PLEASANCE v. City of Chicago

920 N.E.2d 572, 396 Ill. App. 3d 821
CourtAppellate Court of Illinois
DecidedDecember 14, 2009
Docket1-08-1510
StatusPublished
Cited by11 cases

This text of 920 N.E.2d 572 (PLEASANCE v. City of Chicago) is published on Counsel Stack Legal Research, covering Appellate Court of Illinois primary law. Counsel Stack provides free access to over 12 million legal documents including statutes, case law, regulations, and constitutions.

Bluebook
PLEASANCE v. City of Chicago, 920 N.E.2d 572, 396 Ill. App. 3d 821 (Ill. Ct. App. 2009).

Opinion

JUSTICE LAMPKIN

delivered the opinion of the court:

Plaintiff, Pamela Pleasance, as special administrator of the estate of her son, Michael Pleasance, was issued a $12.5 million jury award in her wrongful death action. Defendants, the City of Chicago (the City) and Alvin Weems, appeal the trial court’s order denying their posttrial motion challenging that verdict. Defendants contend a new trial is warranted because the underlying trial was fundamentally unfair where plaintiffs counsel repeatedly made improper comments not based on evidence, and the trial court improperly issued jury instructions. Defendants also contend the trial court erred in denying their remittitur request. We reverse and remand for a new trial.

FACTS

Defendant Weems, a Chicago police officer, shot and killed Michael on March 8, 2003. On April 18, 2005, plaintiff filed her second amended complaint alleging wrongful death, survival, and responsibility for funeral, burial, and medical expenses against defendants. The trial court dismissed plaintiffs claim for funeral, burial, and medical expenses for failing to state a cause of action upon which relief may be granted pursuant to section 2 — 615 of the Code of Civil Procedure (Code) (735 ILCS 5/2 — 615 (West 2002)). Plaintiff later withdrew her survival action.

On May 3, 2007, defendants filed a section 2 — 610(d) (735 ILCS 5/2 — 610(d) (West 2006)) responsive pleading demonstrating their “desire to contest only the amount of damages to which plaintiff may be entitled.” Plaintiff filed a response, alleging defendants’ section 2 — 610(d) pleading admitting liability was insufficient. Defendants filed a reply conceding their section 2 — 610(d) request was insufficient. To cure the procedural defect, defendants filed Weems’ amended answer and the City’s answer to plaintiffs second amended complaint. Specifically, defendants admitted Michael’s death was a result of Weems unintentionally discharging his weapon in the course of arresting someone else, constituting willful and wanton conduct under the law as stated in Medina v. City of Chicago, 238 Ill. App. 3d 385, 392-93, 606 N.E.2d 490 (1992), despite being unintentional. Defendants expressly denied “that in disregarding his duty [defendant Weems] engaged in a course of action which showed an actual or deliberate intention to cause harm or which, if not intentional, showed an utter indifference to or conscious disregard for the safety of others and was then and there guilty of one or more *** willful and wanton acts or omissions.”

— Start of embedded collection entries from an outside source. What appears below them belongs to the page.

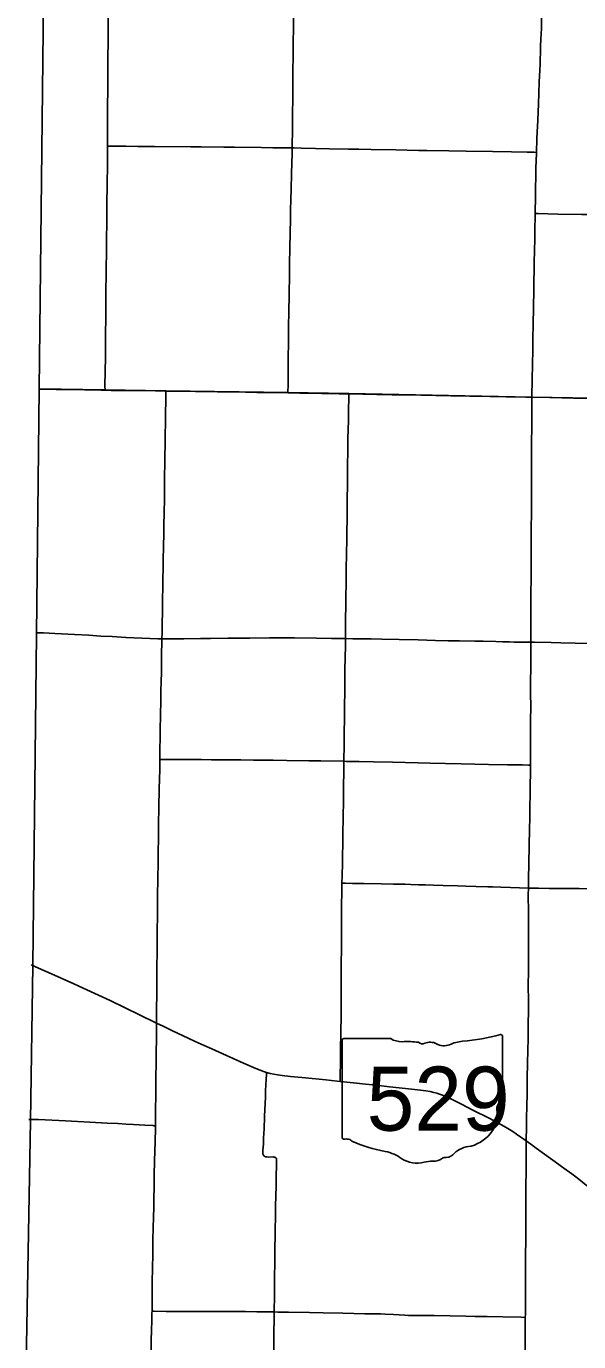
# Model space of a CAD drawing. Extents: x 1815539 to 1947826, y 273303 to 993194.
# Drawn here: x 1840970 to 1852961, y 911339 to 939932 of the extents above; entities that cross this region are included whole.
import ezdxf

# ---------------------------------------------------------------- set-up
doc = ezdxf.new("R2010")
doc.units = 0
for name, color, linetype in [('GM_X_County', 7, 'Continuous'), ('GM_X_County_Road', 7, 'Continuous'), ('GM_X_State_Route', 7, 'Continuous'), ('GM_X_Township', 7, 'Continuous'), ('GM_X_Township_Road', 7, 'Continuous'), ('SC_Shading3', 7, 'Continuous')]:
    doc.layers.add(name, color=color, linetype=linetype)

msp = doc.modelspace()

# ---------------------------------------------------------------- linework, layer by layer
at = {"layer": 'GM_X_County'}
msp.add_lwpolyline([(1840970, 910855), (1841058, 916141), (1841113, 919520), (1841192, 926713), (1841249, 932050), (1841362, 942439)], dxfattribs=at)
at = {"layer": 'GM_X_County_Road'}
for points in [[(1846744, 937289), (1846745, 937386), (1846749, 937632), (1846751, 937879), (1846755, 938518), (1846759, 938879), (1846764, 939371), (1846766, 939650), (1846769, 939830), (1846771, 939945), (1846771, 940142), (1846772, 940470), (1846776, 940765), (1846777, 940978), (1846779, 941142), (1846780, 941405), (1846782, 941634), (1846785, 941946), (1846787, 942126), (1846788, 942340), (1846790, 942611)], [(1852044, 937191), (1852056, 937496), (1852072, 937889), (1852087, 938250), (1852096, 938479), (1852106, 938725), (1852116, 938971), (1852122, 939119), (1852126, 939233), (1852130, 939348), (1852136, 939495), (1852143, 939659), (1852146, 939758), (1852151, 939889), (1852157, 940217)], [(1846649, 931965), (1846651, 932155), (1846654, 932401), (1846665, 933385), (1846670, 933746), (1846674, 934074), (1846678, 934254), (1846681, 934386), (1846681, 934582), (1846686, 934812), (1846689, 935074), (1846698, 935484), (1846702, 935698), (1846707, 935927), (1846714, 936173), (1846720, 936386), (1846730, 936731), (1846742, 937173), (1846744, 937289)], [(1846744, 937289), (1846783, 937289), (1846946, 937285), (1847553, 937272), (1847962, 937264), (1848192, 937258), (1848454, 937254), (1848995, 937244), (1849486, 937234), (1849666, 937232), (1850142, 937225), (1850519, 937218), (1851092, 937209), (1851502, 937202), (1851846, 937196), (1851994, 937194), (1852044, 937191)], [(1852018, 935862), (1852023, 936250), (1852027, 936430), (1852031, 936643), (1852035, 936856), (1852043, 937168), (1852044, 937191)], [(1851948, 931868), (1851948, 931903), (1851953, 932248), (1851960, 932592), (1851963, 932888), (1851968, 933134), (1851971, 933462), (1851978, 933806), (1851985, 934216), (1851996, 934807), (1852002, 935053), (1852008, 935315), (1852010, 935528), (1852016, 935790), (1852018, 935862)], [(1841253, 932045), (1841389, 932043), (1841620, 932039), (1842230, 932030), (1842593, 932024), (1842679, 932023)], [(1842679, 932023), (1842809, 932019), (1843235, 932014), (1843777, 932005), (1844001, 932003)], [(1844001, 932003), (1844137, 932002), (1844416, 931998), (1844646, 931997), (1844826, 931993), (1845121, 931987), (1845728, 931978), (1845974, 931975), (1846220, 931972), (1846450, 931969), (1846649, 931965)], [(1846649, 931965), (1846909, 931960), (1847139, 931956), (1847385, 931952), (1847762, 931946), (1847973, 931942)], [(1847973, 931942), (1848582, 931932), (1848910, 931925), (1849205, 931920), (1849533, 931912), (1850189, 931901), (1850386, 931897), (1850599, 931894), (1851042, 931886), (1851386, 931879), (1851813, 931871), (1851948, 931868)], [(1851922, 926543), (1851922, 926720), (1851923, 926933), (1851924, 927015), (1851924, 927130), (1851925, 927294), (1851926, 927622), (1851926, 927687), (1851927, 927851), (1851927, 928540), (1851930, 928885), (1851934, 929492), (1851934, 929820), (1851939, 930492), (1851941, 930870), (1851944, 931231), (1851946, 931477), (1851947, 931706), (1851948, 931868)], [(1851948, 931868), (1852338, 931860), (1852846, 931850), (1853223, 931841), (1853277, 931840)], [(1843868, 923997), (1843868, 924000), (1843872, 924230), (1843875, 924459), (1843878, 924607), (1843884, 924984), (1843888, 925246), (1843893, 925475), (1843898, 925705), (1843901, 925869), (1843904, 926016), (1843908, 926279), (1843914, 926557), (1843915, 926616)], [(1843915, 926616), (1844130, 926614), (1844392, 926616), (1844754, 926622), (1844967, 926626), (1845345, 926630), (1845575, 926633), (1845821, 926635), (1846248, 926640), (1846544, 926641), (1846790, 926639), (1847267, 926632), (1847595, 926626), (1847897, 926623)], [(1847865, 923956), (1847865, 924041), (1847869, 924238), (1847869, 924337), (1847872, 924468), (1847872, 924567), (1847876, 924895), (1847879, 925191), (1847884, 925437), (1847888, 925946), (1847897, 926471), (1847897, 926623)], [(1851917, 923869), (1851917, 923882), (1851918, 923981), (1851918, 924145), (1851918, 924293), (1851919, 924785), (1851920, 925195), (1851919, 925375), (1851918, 925457), (1851918, 925572), (1851919, 925703), (1851921, 925982), (1851921, 926474), (1851922, 926543)], [(1843817, 920623), (1843817, 920640), (1843820, 920984), (1843825, 921443), (1843829, 921722), (1843832, 921951), (1843839, 922312), (1843843, 922591), (1843849, 922951), (1843856, 923361), (1843860, 923558), (1843865, 923787), (1843868, 923997)], [(1847821, 921305), (1847824, 921463), (1847831, 921742), (1847837, 921956), (1847840, 922103), (1847843, 922317), (1847852, 922793), (1847855, 923056), (1847857, 923302), (1847864, 923844), (1847865, 923956)], [(1847865, 923956), (1847919, 923954), (1847984, 923953), (1848198, 923949), (1848509, 923942), (1848919, 923933), (1849477, 923920), (1849740, 923916), (1850068, 923910), (1850412, 923902), (1851003, 923888), (1851413, 923880), (1851741, 923876), (1851872, 923871), (1851917, 923869)], [(1851869, 921200), (1851872, 921308), (1851874, 921390), (1851875, 921521), (1851876, 921603), (1851883, 921832), (1851886, 922013), (1851889, 922209), (1851891, 922390), (1851899, 922816), (1851902, 922997), (1851906, 923210), (1851910, 923423), (1851915, 923718), (1851917, 923869)], [(1847821, 921305), (1847890, 921303), (1848054, 921300), (1848300, 921296), (1848678, 921290), (1848940, 921286), (1849186, 921281), (1849318, 921278), (1849482, 921272), (1849629, 921268), (1849810, 921263), (1850023, 921257), (1850335, 921248), (1850515, 921243), (1850728, 921235), (1850991, 921228), (1851089, 921224), (1851270, 921219), (1851482, 921213), (1851679, 921206), (1851869, 921200)], [(1851823, 915703), (1851824, 915795), (1851827, 915928), (1851832, 916223), (1851836, 916437), (1851840, 916748), (1851842, 917076), (1851847, 917388), (1851856, 917683), (1851863, 917913), (1851865, 918060), (1851868, 918241), (1851870, 918536), (1851869, 918717), (1851868, 919110), (1851869, 919373), (1851869, 919701), (1851869, 919996), (1851869, 920177), (1851870, 920258), (1851869, 920455), (1851870, 920652), (1851867, 921078), (1851869, 921177), (1851869, 921200)], [(1851869, 921200), (1851925, 921198), (1852089, 921195), (1852319, 921193), (1852696, 921189), (1852975, 921187), (1853287, 921182), (1853550, 921180), (1853763, 921178), (1854009, 921176), (1854190, 921173), (1854485, 921168), (1854863, 921162), (1855224, 921154), (1855273, 921153)], [(1843798, 918263), (1843797, 918443), (1843801, 919017), (1843806, 919509), (1843808, 919788), (1843810, 920017), (1843812, 920247), (1843817, 920623)]]:
    msp.add_lwpolyline(points, dxfattribs=at)
at = {"layer": 'GM_X_State_Route'}
for points in [[(1841073, 919533), (1841234, 919461), (1841519, 919333), (1841999, 919118), (1842283, 918989), (1842536, 918872), (1842789, 918753), (1843115, 918596), (1843410, 918453), (1843798, 918263), (1843942, 918197), (1844146, 918098), (1844486, 917935), (1844636, 917868), (1844831, 917781), (1844995, 917706), (1845235, 917598), (1845683, 917395), (1845953, 917276), (1846044, 917238), (1846122, 917210), (1846185, 917190), (1846264, 917169), (1846345, 917152), (1846426, 917139), (1846524, 917125), (1846703, 917105), (1847030, 917072), (1847471, 917028), (1847715, 917003), (1847782, 916995), (1848074, 916964), (1848335, 916936), (1848564, 916912), (1848857, 916879), (1849200, 916843), (1849526, 916807), (1849640, 916792), (1849737, 916775), (1849817, 916758), (1849880, 916742), (1849943, 916722), (1850004, 916700), (1850080, 916669), (1850155, 916635), (1850272, 916577), (1850418, 916502), (1850666, 916375), (1851017, 916195), (1851192, 916104), (1851336, 916027), (1851421, 915977), (1851533, 915908), (1851614, 915853), (1851823, 915703), (1851921, 915633), (1852040, 915547), (1852533, 915192), (1852590, 915151)], [(1852590, 915151), (1852693, 915077), (1852812, 914989), (1852927, 914898), (1853042, 914804), (1853157, 914711), (1853248, 914641), (1853341, 914574), (1853450, 914500), (1853601, 914402), (1853643, 914374)]]:
    msp.add_lwpolyline(points, dxfattribs=at)
at = {"layer": 'GM_X_Township'}
msp.add_lwpolyline([(1862681, 942300), (1862643, 939637), (1862581, 935266), (1862529, 931646), (1857238, 931762), (1853272, 931847), (1851942, 931872), (1847971, 931949), (1846644, 931971), (1843997, 932010), (1842672, 932027), (1841249, 932050)], dxfattribs=at)
at = {"layer": 'GM_X_Township_Road'}
for points in [[(1842730, 937328), (1842731, 937497), (1842732, 937907), (1842735, 938153), (1842739, 938596), (1842740, 938875), (1842741, 939072), (1842743, 939252), (1842745, 939597), (1842748, 940007), (1842748, 940269), (1842750, 940762), (1842751, 941073), (1842752, 941303), (1842754, 941828), (1842755, 942287), (1842755, 942452), (1842755, 942519)], [(1842679, 932023), (1842677, 932119), (1842686, 932743), (1842688, 932972), (1842689, 933102), (1842690, 933297), (1842693, 933543), (1842695, 933724), (1842697, 934003), (1842705, 934708), (1842709, 934987), (1842714, 935348), (1842715, 935627), (1842718, 935955), (1842721, 936184), (1842724, 936365), (1842727, 936595), (1842729, 936824), (1842730, 937136), (1842730, 937328)], [(1842730, 937328), (1842768, 937327), (1842801, 937326), (1842949, 937325), (1843129, 937324), (1843391, 937321), (1843751, 937318), (1844538, 937313), (1844767, 937310), (1845258, 937305), (1845488, 937302), (1846077, 937298), (1846323, 937294), (1846744, 937289)], [(1852018, 935862), (1852064, 935861), (1852080, 935861), (1852294, 935855), (1852507, 935852), (1853032, 935844), (1853213, 935841), (1853328, 935839), (1853705, 935834), (1853745, 935833)], [(1843915, 926616), (1843917, 926759), (1843918, 926939), (1843923, 927218), (1843925, 927365), (1843927, 927480), (1843933, 927742), (1843943, 928332), (1843948, 928627), (1843953, 928905), (1843957, 929118), (1843961, 929331), (1843967, 929691), (1843972, 930035), (1843979, 930543), (1843985, 930887), (1843994, 931477), (1843999, 931837), (1844001, 931966), (1844001, 931968), (1844001, 932003)], [(1847897, 926623), (1847901, 927101), (1847903, 927282), (1847908, 927528), (1847912, 927823), (1847916, 928085), (1847922, 928512), (1847925, 928742), (1847928, 928889), (1847932, 929283), (1847936, 929611), (1847941, 930005), (1847945, 930431), (1847949, 930661), (1847953, 930973), (1847961, 931366), (1847965, 931563), (1847972, 931886), (1847973, 931908), (1847973, 931942)], [(1841177, 926746), (1841346, 926745), (1841592, 926734), (1842018, 926710), (1842329, 926694), (1842591, 926679), (1842836, 926666), (1843131, 926650), (1843475, 926633), (1843828, 926618), (1843915, 926616)], [(1847897, 926623), (1848062, 926621), (1848456, 926614), (1848686, 926610), (1849063, 926602), (1849474, 926593), (1849851, 926583), (1850130, 926577), (1850376, 926571), (1850704, 926567), (1850885, 926564), (1851164, 926557), (1851312, 926554), (1851445, 926550), (1851461, 926550), (1851559, 926548), (1851773, 926545), (1851887, 926543), (1851922, 926543)], [(1851922, 926543), (1852002, 926543), (1852363, 926536), (1852576, 926532), (1852888, 926526), (1853200, 926519), (1853692, 926510), (1853888, 926505), (1853919, 926504)], [(1843868, 923997), (1843921, 923996), (1843937, 923996), (1844167, 923993), (1844347, 923993), (1844773, 923992), (1844987, 923990), (1845216, 923989), (1845626, 923985), (1845905, 923983), (1846331, 923978), (1846626, 923975), (1847102, 923968), (1847364, 923964), (1847865, 923956)], [(1847782, 916995), (1847782, 917047), (1847783, 917162), (1847788, 917375), (1847791, 917604), (1847800, 918145), (1847802, 918342), (1847805, 918588), (1847807, 918785), (1847808, 919113), (1847807, 919326), (1847807, 919441), (1847806, 919621), (1847809, 919818), (1847809, 919933), (1847812, 920195), (1847812, 920359), (1847816, 920753), (1847818, 921179), (1847821, 921305)], [(1843771, 916033), (1843773, 916192), (1843774, 916356), (1843780, 916717), (1843785, 917110), (1843788, 917373), (1843791, 917619), (1843794, 917931), (1843797, 918177), (1843798, 918263)], [(1846138, 916134), (1846143, 916241), (1846160, 916651), (1846165, 916798), (1846169, 916913), (1846176, 917044), (1846183, 917142), (1846185, 917190)], [(1841024, 916170), (1841232, 916170), (1841822, 916138), (1842347, 916110), (1842724, 916092), (1842954, 916079), (1843134, 916069), (1843298, 916060), (1843544, 916046), (1843724, 916036), (1843741, 916035), (1843771, 916033)], [(1846351, 911985), (1846353, 912079), (1846355, 912259), (1846358, 912538), (1846360, 912784), (1846363, 913014), (1846367, 913408), (1846370, 913604), (1846371, 913719), (1846375, 913867), (1846377, 913965), (1846377, 914031), (1846379, 914162), (1846382, 914293), (1846392, 914720), (1846396, 914982), (1846400, 915130), (1846403, 915245), (1846402, 915278), (1846402, 915294), (1846399, 915312), (1846391, 915329), (1846382, 915339), (1846369, 915348), (1846354, 915353), (1846335, 915355), (1846220, 915352), (1846188, 915354), (1846171, 915356), (1846156, 915361), (1846141, 915369), (1846129, 915379), (1846118, 915392), (1846111, 915407), (1846107, 915422), (1846105, 915439), (1846106, 915472), (1846108, 915504), (1846116, 915635), (1846121, 915766), (1846130, 915963), (1846134, 916061), (1846138, 916134)], [(1843700, 912002), (1843703, 912075), (1843702, 912354), (1843704, 912633), (1843715, 913240), (1843719, 913551), (1843725, 913814), (1843730, 914043), (1843735, 914257), (1843740, 914486), (1843744, 914667), (1843748, 914962), (1843755, 915273), (1843765, 915683), (1843771, 915979), (1843771, 916033)], [(1851803, 911868), (1851804, 911941), (1851804, 912088), (1851804, 912351), (1851807, 912810), (1851808, 912941), (1851809, 913121), (1851810, 913269), (1851812, 913498), (1851812, 913711), (1851815, 914006), (1851816, 914613), (1851817, 914826), (1851818, 914941), (1851819, 915121), (1851820, 915334), (1851822, 915547), (1851823, 915646), (1851823, 915703)], [(1843673, 910654), (1843673, 910665), (1843674, 910829), (1843678, 911059), (1843683, 911370), (1843689, 911584), (1843693, 911797), (1843698, 911961), (1843700, 912002)], [(1843700, 912002), (1843742, 912001), (1844004, 911999), (1844300, 911999), (1844496, 911997), (1844726, 911996), (1844873, 911995), (1844988, 911994), (1845152, 911995), (1845382, 911993), (1845546, 911993), (1845726, 911992), (1845972, 911990), (1846071, 911988), (1846235, 911986), (1846351, 911985)], [(1846335, 908486), (1846333, 908570), (1846332, 908863), (1846331, 909077), (1846333, 909208), (1846337, 909700), (1846338, 909815), (1846342, 910192), (1846344, 910619), (1846342, 910799), (1846342, 910930), (1846343, 911177), (1846343, 911357), (1846343, 911521), (1846347, 911849), (1846351, 911985)], [(1846351, 911985), (1846431, 911984), (1846661, 911980), (1847120, 911972), (1847415, 911965), (1847842, 911958), (1848317, 911948), (1848481, 911945), (1848662, 911942), (1848760, 911939), (1848940, 911930), (1849186, 911915), (1849268, 911911), (1849366, 911910), (1849546, 911911), (1849825, 911908), (1850169, 911899), (1850514, 911892), (1850711, 911890), (1850973, 911884), (1851317, 911877), (1851711, 911869), (1851803, 911868)], [(1851791, 910839), (1851792, 910859), (1851794, 910908), (1851799, 911056), (1851801, 911531), (1851802, 911679), (1851803, 911868)]]:
    msp.add_lwpolyline(points, dxfattribs=at)
at = {"layer": 'SC_Shading3'}
for p, q in [((1847827, 917890), (1847827, 915777)), ((1848880, 917927), (1847861, 917927)), ((1851307, 916874), (1851307, 917979)), ((1851307, 916874), (1851307, 916874))]:
    msp.add_line(p, q, dxfattribs=at)
for centre, major_axis, start_param, end_param in [((1847867, 917895), (40.3, 0), 1.712693, 3.28349), ((1849123, 918172), (391, 0), 4.042523, 4.731795), ((1849253, 916740), (1404, 0), 1.404758, 1.657858), ((1849571, 917906), (113, 0), 3.836095, 5.185415), ((1849737, 917662), (235, 0), 0.950623, 2.079405), ((1850538, 917281), (743, 0), 1.699011, 2.107814), ((1850067, 920808), (3691, 0), 4.814394, 5.042369), ((1851269, 917984), (38.7, 0), 6.141152, 7.989035), ((1850040, 917997), (282, 0), 4.081561, 5.145723), ((1851298, 916792), (60, 0), 1.883978, 3.671073), ((1850917, 916653), (360, 0), 5.934695, 6.695948), ((1851266, 916869), (41.5, 0), 5.05454, 6.418171), ((1851446, 916411), (262, 0), 2.387724, 3.262537), ((1850274, 916270), (923, 0), 5.101752, 6.440018), ((1847867, 915773), (40.7, 0), 3.00124, 4.508301), ((1847873, 915989), (310, 0), 4.665946, 4.897461), ((1847937, 915655), (112, 0), 0.519207, 1.627899), ((1849350, 917554), (2665, 0), 4.195997, 4.488961), ((1850663, 915184), (506, 0), 1.647645, 2.488434), ((1848555, 914828), (834, 0), 0.823519, 1.323587), ((1849457, 915645), (529, 0), 4.026481, 4.996735), ((1849763, 914914), (435, 0), 1.495662, 1.94098), ((1849802, 915486), (282, 0), 4.691044, 5.507374), ((1850057, 915282), (79.4, 0), 1.147584, 2.315152), ((1850023, 915572), (298, 0), 4.937069, 5.64225)]:
    msp.add_ellipse(centre, major_axis=major_axis, ratio=0.8, start_param=start_param, end_param=end_param, dxfattribs=at)

# ---------------------------------------------------------------- texts
msp.add_text('529', height=1392.2, dxfattribs=at).set_placement((1848358, 915926))

doc.saveas('drawing.dxf')

A hearing was held on defendants’ section 2 — 610(d) request. The court granted the request. In so ruling, the court said:

“[T]he City has answered enough so that I can have a trial only [sic] damages only. They will not be able to bring up willful and wanton before the jury. There won’t be any conduct in term[s] of whether the officer killed [Michael]. It’s just going to be straight on damages, and I’m not going to let them play any games based on that. So, whatever they tell the jury, the jury’s only going to decide what the amount of damages they’re going to give that plaintiff or the heirs for the death of [Michael].”

When plaintiffs counsel asked whether he would be allowed to say “the City has admitted willful and wanton conduct with respect to the death — the cause of death of Michael,” the court replied:

“We are going to say that the City admits that [Michael] was killed by [Weems] and that we’re here to decide damages on his death. And we’ll let the jury decide.”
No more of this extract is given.